• **Data provided**
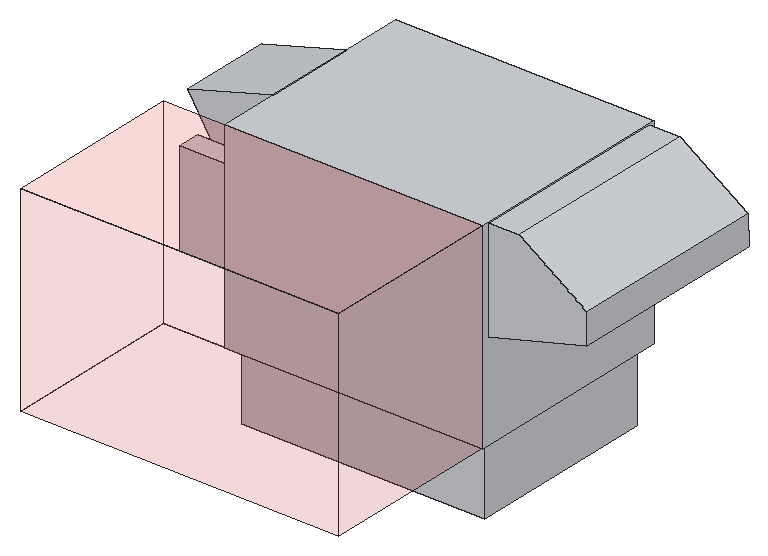
Revit family
Parameters (values of type "208 V Three Phase")
  Weight Scheduled [instance] = 488  # constant formula
  Voltage Workaround = Voltage / 1 V  # 208
  Voltage Scheduled = Voltage  # 208 V
  Voltage = 208 V
  VoltAmps Workaround [instance] = Voltage Workaround * Total FLA * sqrt(Phase)  # 0
  VoltAmps [instance] = VoltAmps Workaround * 1 VA  # 0 VA
  VFD [instance] = no
  URL = "http://www.renewaire.com/_assets/files/SubmittalForms/HE2XRTSubmittal.pdf"
  Total FLA [instance] = if(or(Supply Motor FLA = 0, Exhaust Motor FLA = 0), 0, (Supply Motor FLA * Supply Motor Count) + (Exhaust Motor FLA * Exhaust Motor Count))  # 0
  Supply Motor RPM Scheduled [instance] = Supply Motor RPM  # 0
  Supply Motor RPM [instance] = if(and(or(Supply ESP = 0, Supply ESP > 0), Supply ESP < 0.25), if(Supply Motor HP = 1.5, if(Supply CFM > 1970 CFM, 0, if(Supply CFM > 1765 CFM, 1504, if(Supply CFM > 1560 CFM, 1348, 1192))), if(Supply Motor HP = 2, if(Supply CFM > 2194 CFM, 0, if(Supply CFM > 2087 CFM, 1594, 1516)), 0)), if(and(or(Supply ESP = 0.25, Supply ESP > 0.25), Supply ESP < 0.5), if(Supply Motor HP = 1.5, if(Supply CFM > 1900 CFM, 0, if(Supply CFM > 1685 CFM, 1504, if(Supply CFM > 1460 CFM, 1348, 1192))), if(Supply Motor HP = 2, if(Supply CFM > 2110 CFM, 0, if(Supply CFM > 2000 CFM, 1594, 1516)), 0)), if(and(or(Supply ESP = 0.5, Supply ESP > 0.5), Supply ESP < 0.75), if(Supply Motor HP = 1.5, if(Supply CFM > 1800 CFM, 0, if(Supply CFM > 1560 CFM, 1504, if(Supply CFM > 1300 CFM, 1348, 1192))), if(Supply Motor HP = 2, if(Supply CFM > 2145 CFM, 0, if(Supply CFM > 2035 CFM, 1671, if(Supply CFM > 1915 CFM, 1594, 1516))), 0)), if(and(or(Supply ESP = 0.75, Supply ESP > 0.75), Supply ESP < 1), if(Supply Motor HP = 1.5, if(Supply CFM > 1670 CFM, 0, if(Supply CFM > 1380 CFM, 1504, if(Supply CFM > 1100 CFM, 1348, 1192))), if(Supply Motor HP = 2, if(Supply CFM > 2050 CFM, 0, if(Supply CFM > 1920 CFM, 1671, if(Supply CFM > 1775 CFM, 1594, 1516))), 0)), if(and(or(Supply ESP = 1, Supply ESP > 1), Supply ESP < 1.25), if(Supply Motor HP = 1.5, if(Supply CFM > 1500 CFM, 0, if(Supply CFM > 1210 CFM, 1504, if(Supply CFM > 845 CFM, 1348, 1192))), if(Supply Motor HP = 2, if(Supply CFM > 1905 CFM, 0, if(Supply CFM > 1765 CFM, 1671, if(Supply CFM > 1635 CFM, 1594, 1516))), 0)), if(and(or(Supply ESP = 1.25, Supply ESP > 1.25), Supply ESP < 1.5), if(Supply Motor HP = 1.5, if(Supply CFM > 1345 CFM, 0, if(Supply CFM > 945 CFM, 1504, 1348)), if(Supply Motor HP = 2, if(Supply CFM > 1775 CFM, 0, if(Supply CFM > 1630 CFM, 1671, if(Supply CFM > 1475 CFM, 1594, 1516))), 0)), if(Supply ESP = 1.5, if(Supply Motor HP = 1.5, if(Supply CFM > 1135 CFM, 0, if(Supply CFM > 650 CFM, 1504, 1348)), if(Supply Motor HP = 2, if(Supply CFM > 1640 CFM, 0, if(Supply CFM > 1470 CFM, 1671, if(Supply CFM > 1260 CFM, 1594, 1516))), 0)), 0)))))))  # 0
  Supply Motor HP Scheduled [instance] = Supply Motor HP  # 0
  Supply Motor HP [instance] = 0
  Supply Motor FLA [instance] = if(VFD, if(Supply Motor BHP = 0, 0, if(Supply Motor HP = 1.5, if(and(or(Voltage = 208 V, Voltage = 230 V), Phase = 1), 4.8, if(and(or(Voltage = 208 V, Voltage = 230 V), Phase = 3), 4.8, if(and(Voltage = 460 V, Phase = 3), 2.4, if(and(Voltage = 575 V, Phase = 3), 1.8, 0)))), if(Supply Motor HP = 2, if(and(or(Voltage = 208 V, Voltage = 230 V), Phase = 1), 6.1, if(and(or(Voltage = 208 V, Voltage = 230 V), Phase = 3), 6.1, if(and(Voltage = 460 V, Phase = 3), 2.9, if(and(Voltage = 575 V, Phase = 3), 2.4, 0)))), 0))), if(Supply Motor BHP = 0, 0, if(Supply Motor HP = 1.5, if(and(Voltage = 115 V, Phase = 1), 15.2, if(and(or(Voltage = 208 V, Voltage = 230 V), Phase = 1), 8.2, if(and(or(Voltage = 208 V, Voltage = 230 V), Phase = 3), 4.6, if(and(Voltage = 460 V, Phase = 3), 2.4, if(and(Voltage = 575 V, Phase = 3), 1.8, 0))))), if(Supply Motor HP = 2, if(and(Voltage = 115 V, Phase = 1), 20, if(and(or(Voltage = 208 V, Voltage = 230 V), Phase = 1), 10.8, if(and(or(Voltage = 208 V, Voltage = 230 V), Phase = 3), 6.1, if(and(Voltage = 460 V, Phase = 3), 2.9, if(and(Voltage = 575 V, Phase = 3), 2.4, 0))))), 0))))  # 0
  Supply Motor Count Scheduled [instance] = Supply Motor Count  # 0
  Supply Motor Count [instance] = if(Supply Motor HP = 0.75, 2, if(Supply Motor HP = 1.5, 1, if(Supply Motor HP = 2, 1, 0)))  # 0
  Supply Motor BHP [instance] = if(and(or(Supply ESP = 0, Supply ESP > 0), Supply ESP < 0.25), if(Supply Motor HP = 1.5, if(Supply CFM > 1970 CFM, 0, if(Supply CFM > 1765 CFM, 1.5, if(Supply CFM > 1560 CFM, 1.1, 0.7))), if(Supply Motor HP = 2, if(Supply CFM > 2194 CFM, 0, if(Supply CFM > 2087 CFM, 1.8, 1.6)), 0)), if(and(or(Supply ESP = 0.25, Supply ESP > 0.25), Supply ESP < 0.5), if(Supply Motor HP = 1.5, if(Supply CFM > 1900 CFM, 0, if(Supply CFM > 1685 CFM, 1.4, if(Supply CFM > 1460 CFM, 1, 0.7))), if(Supply Motor HP = 2, if(Supply CFM > 2110 CFM, 0, if(Supply CFM > 2000 CFM, 1.7, 1.5)), 0)), if(and(or(Supply ESP = 0.5, Supply ESP > 0.5), Supply ESP < 0.75), if(Supply Motor HP = 1.5, if(Supply CFM > 1800 CFM, 0, if(Supply CFM > 1560 CFM, 1.3, if(Supply CFM > 1300 CFM, 0.9, 0.6))), if(Supply Motor HP = 2, if(Supply CFM > 2145 CFM, 0, if(Supply CFM > 2035 CFM, 1.9, if(Supply CFM > 1915 CFM, 1.6, 1.4))), 0)), if(and(or(Supply ESP = 0.75, Supply ESP > 0.75), Supply ESP < 1), if(Supply Motor HP = 1.5, if(Supply CFM > 1670 CFM, 0, if(Supply CFM > 1380 CFM, 1.2, if(Supply CFM > 1100 CFM, 0.8, 0.5))), if(Supply Motor HP = 2, if(Supply CFM > 2050 CFM, 0, if(Supply CFM > 1920 CFM, 1.7, if(Supply CFM > 1775 CFM, 1.5, 1.2))), 0)), if(and(or(Supply ESP = 1, Supply ESP > 1), Supply ESP < 1.25), if(Supply Motor HP = 1.5, if(Supply CFM > 1500 CFM, 0, if(Supply CFM > 1210 CFM, 1.1, if(Supply CFM > 845 CFM, 0.7, 0.4))), if(Supply Motor HP = 2, if(Supply CFM > 1905 CFM, 0, if(Supply CFM > 1765 CFM, 1.5, if(Supply CFM > 1635 CFM, 1.3, 1.1))), 0)), if(and(or(Supply ESP = 1.25, Supply ESP > 1.25), Supply ESP < 1.5), if(Supply Motor HP = 1.5, if(Supply CFM > 1345 CFM, 0, if(Supply CFM > 945 CFM, 1, 0.6)), if(Supply Motor HP = 2, if(Supply CFM > 1775 CFM, 0, if(Supply CFM > 1630 CFM, 1.4, if(Supply CFM > 1475 CFM, 1.2, 1))), 0)), if(Supply ESP = 1.5, if(Supply Motor HP = 1.5, if(Supply CFM > 1135 CFM, 0, if(Supply CFM > 650 CFM, 0.8, 0.4)), if(Supply Motor HP = 2, if(Supply CFM > 1640 CFM, 0, if(Supply CFM > 1470 CFM, 1.3, if(Supply CFM > 1260 CFM, 1.1, 0.8))), 0)), 0)))))))  # 0
  Supply ESP Scheduled [instance] = Supply ESP  # 0
  Supply ESP [instance] = 0
  Supply CFM Scheduled [instance] = Supply CFM  # 0 CFM
  Supply CFM [instance] = 0 CFM
  Supply Air Winter RH Scheduled [instance] = 0
  Supply Air Winter DB Scheduled [instance] = 0
  Supply Air Summer RH Scheduled [instance] = 0
  Supply Air Summer DB Scheduled [instance] = 0
  Phase Scheduled = Phase  # 3
  Phase = 3
  Outside Air Winter RH Scheduled [instance] = 0
  Outside Air Winter DB Scheduled [instance] = 0
  Outside Air Summer RH Scheduled [instance] = 0
  Outside Air Summer DB Scheduled [instance] = 0
  Number of Poles = 3
  Model = "HE2XRTF"
  Manufacturer = "RenewAire"
  MOCP Scheduled [instance] = MOCP  # 0
  MOCP [instance] = if(VFD, if(Total FLA = 0, 0, if(and(or(Voltage = 208 V, Voltage = 230 V), Phase = 1), if(and(Supply Motor HP = 1.5, Exhaust Motor HP = 1.5), 25, if(and(Supply Motor HP = 2, Exhaust Motor HP = 1.5), 20, if(and(Supply Motor HP = 1.5, Exhaust Motor HP = 2), 20, if(and(Supply Motor HP = 2, Exhaust Motor HP = 2), 30, 0)))), if(and(or(Voltage = 208 V, Voltage = 230 V), Phase = 3), if(and(Supply Motor HP = 1.5, Exhaust Motor HP = 1.5), 15, if(and(Supply Motor HP = 2, Exhaust Motor HP = 1.5), 15, if(and(Supply Motor HP = 1.5, Exhaust Motor HP = 2), 15, if(and(Supply Motor HP = 2, Exhaust Motor HP = 2), 15, 0)))), if(and(Voltage = 460 V, Phase = 3), if(and(Supply Motor HP = 1.5, Exhaust Motor HP = 1.5), 15, if(and(Supply Motor HP = 2, Exhaust Motor HP = 1.5), 15, if(and(Supply Motor HP = 1.5, Exhaust Motor HP = 2), 15, if(and(Supply Motor HP = 2, Exhaust Motor HP = 2), 15, 0)))), if(and(Voltage = 575 V, Phase = 3), if(and(Supply Motor HP = 1.5, Exhaust Motor HP = 1.5), 15, if(and(Supply Motor HP = 2, Exhaust Motor HP = 1.5), 15, if(and(Supply Motor HP = 1.5, Exhaust Motor HP = 2), 15, if(and(Supply Motor HP = 2, Exhaust Motor HP = 2), 15, 0)))), 0))))), if(Total FLA = 0, 0, if(and(Voltage = 115 V, Phase = 1), if(and(Supply Motor HP = 1.5, Exhaust Motor HP = 1.5), 45, if(and(Supply Motor HP = 2, Exhaust Motor HP = 1.5), 60, if(and(Supply Motor HP = 1.5, Exhaust Motor HP = 2), 60, if(and(Supply Motor HP = 2, Exhaust Motor HP = 2), 60, 0)))), if(and(or(Voltage = 208 V, Voltage = 230 V), Phase = 1), if(and(Supply Motor HP = 1.5, Exhaust Motor HP = 1.5), 25, if(and(Supply Motor HP = 2, Exhaust Motor HP = 1.5), 30, if(and(Supply Motor HP = 1.5, Exhaust Motor HP = 2), 30, if(and(Supply Motor HP = 2, Exhaust Motor HP = 2), 35, 0)))), if(and(or(Voltage = 208 V, Voltage = 230 V), Phase = 3), if(and(Supply Motor HP = 1.5, Exhaust Motor HP = 1.5), 15, if(and(Supply Motor HP = 2, Exhaust Motor HP = 1.5), 15, if(and(Supply Motor HP = 1.5, Exhaust Motor HP = 2), 15, if(and(Supply Motor HP = 2, Exhaust Motor HP = 2), 15, 0)))), if(and(Voltage = 460 V, Phase = 3), if(and(Supply Motor HP = 1.5, Exhaust Motor HP = 1.5), 15, if(and(Supply Motor HP = 2, Exhaust Motor HP = 1.5), 15, if(and(Supply Motor HP = 1.5, Exhaust Motor HP = 2), 15, if(and(Supply Motor HP = 2, Exhaust Motor HP = 2), 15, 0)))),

• **Task instructions**
From the records above, print exactly the lines that run from the line with "Total FLA [instance]" to the line with "Supply Motor RPM Scheduled", inclusive.

• **Reply to the exercise**
  Total FLA [instance] = if(or(Supply Motor FLA = 0, Exhaust Motor FLA = 0), 0, (Supply Motor FLA * Supply Motor Count) + (Exhaust Motor FLA * Exhaust Motor Count))  # 0
  Supply Motor RPM Scheduled [instance] = Supply Motor RPM  # 0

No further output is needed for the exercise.